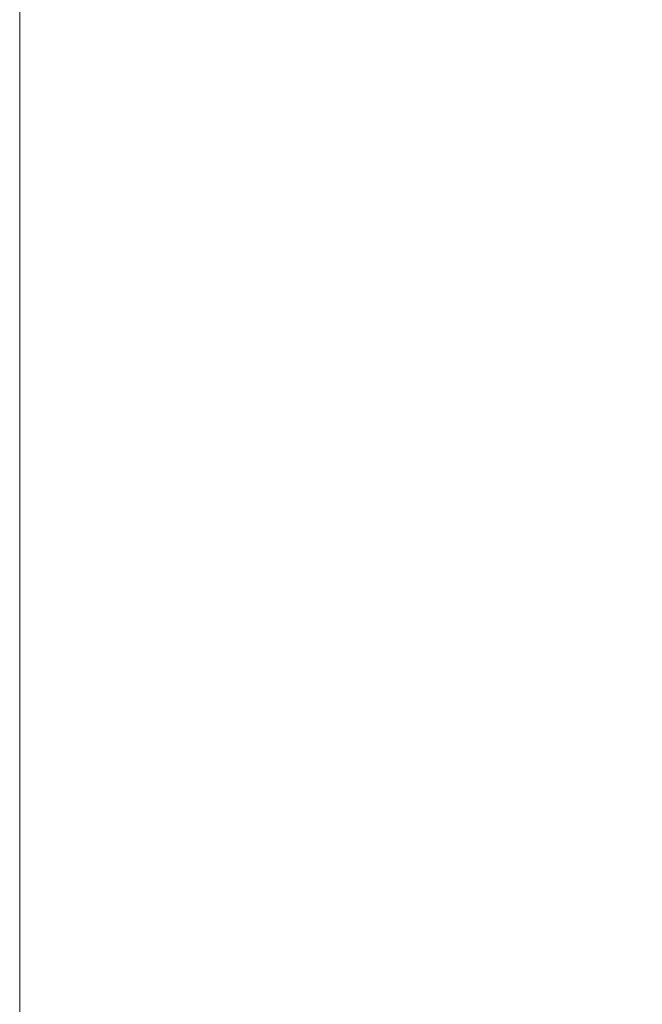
# Model space of a CAD drawing. Header units: inches. Extents: x 63 to 263, y 38 to 153.
# Tile 44 of 116: x 63.03 to 64.69, y 147.47 to 150.08. Entities that reach past the tile are written whole.
import ezdxf

# ---------------------------------------------------------------- set-up
doc = ezdxf.new("R2010")
doc.units = ezdxf.units.IN
doc.header["$MEASUREMENT"] = 0
doc.layers.add('A-FLOR-STRS', color=2, linetype='Continuous', lineweight=9)

# ---------------------------------------------------------------- blocks, each defined once
blk = doc.blocks.new('Stair - Stairs-122113-_3D_')
at = {"layer": 'A-FLOR-STRS'}
mesh = blk.add_polyface(dxfattribs=at)
corners = [(63.0319, 105.0116, 135.6522), (74.0319, 105.0116, 135.6522), (74.0319, 153.137, 135.6522), (63.0319, 153.137, 135.6522)]
mesh.append_faces([[corners[k] for k in face] for face in [(3, 0, 1, 2)]])
mesh = blk.add_polyface(dxfattribs=at)
corners = [(63.0319, 105.0116, 133.6522), (63.0319, 153.137, 133.6522), (74.0319, 153.137, 133.6522), (74.0319, 105.0116, 133.6522)]
mesh.append_faces([[corners[k] for k in face] for face in [(1, 2, 3, 0)]])
mesh = blk.add_polyface(dxfattribs=at)
corners = [(63.0319, 105.0116, 135.6522), (63.0319, 153.137, 135.6522), (63.0319, 153.137, 133.6522), (63.0319, 105.0116, 133.6522)]
mesh.append_faces([[corners[k] for k in face] for face in [(0, 1, 2, 3)]])

msp = doc.modelspace()

# ---------------------------------------------------------------- block references
at = {"layer": 'A-FLOR-STRS'}
msp.add_blockref('Stair - Stairs-122113-_3D_', (0, 0), dxfattribs=at)

doc.saveas('drawing.dxf')

════════════════════

## Your instructions:
A word-for-word copy of every entry, with the pictures left out, is the required answer.

## Result of the exercise:
# Model space of a CAD drawing. Header units: inches. Extents: x 63 to 263, y 38 to 153.
# Tile 44 of 116: x 63.03 to 64.69, y 147.47 to 150.08. Entities that reach past the tile are written whole.
import ezdxf

# ---------------------------------------------------------------- set-up
doc = ezdxf.new("R2010")
doc.units = ezdxf.units.IN
doc.header["$MEASUREMENT"] = 0
doc.layers.add('A-FLOR-STRS', color=2, linetype='Continuous', lineweight=9)

# ---------------------------------------------------------------- blocks, each defined once
blk = doc.blocks.new('Stair - Stairs-122113-_3D_')
at = {"layer": 'A-FLOR-STRS'}
mesh = blk.add_polyface(dxfattribs=at)
corners = [(63.0319, 105.0116, 135.6522), (74.0319, 105.0116, 135.6522), (74.0319, 153.137, 135.6522), (63.0319, 153.137, 135.6522)]
mesh.append_faces([[corners[k] for k in face] for face in [(3, 0, 1, 2)]])
mesh = blk.add_polyface(dxfattribs=at)
corners = [(63.0319, 105.0116, 133.6522), (63.0319, 153.137, 133.6522), (74.0319, 153.137, 133.6522), (74.0319, 105.0116, 133.6522)]
mesh.append_faces([[corners[k] for k in face] for face in [(1, 2, 3, 0)]])
mesh = blk.add_polyface(dxfattribs=at)
corners = [(63.0319, 105.0116, 135.6522), (63.0319, 153.137, 135.6522), (63.0319, 153.137, 133.6522), (63.0319, 105.0116, 133.6522)]
mesh.append_faces([[corners[k] for k in face] for face in [(0, 1, 2, 3)]])

msp = doc.modelspace()

# ---------------------------------------------------------------- block references
at = {"layer": 'A-FLOR-STRS'}
msp.add_blockref('Stair - Stairs-122113-_3D_', (0, 0), dxfattribs=at)

doc.saveas('drawing.dxf')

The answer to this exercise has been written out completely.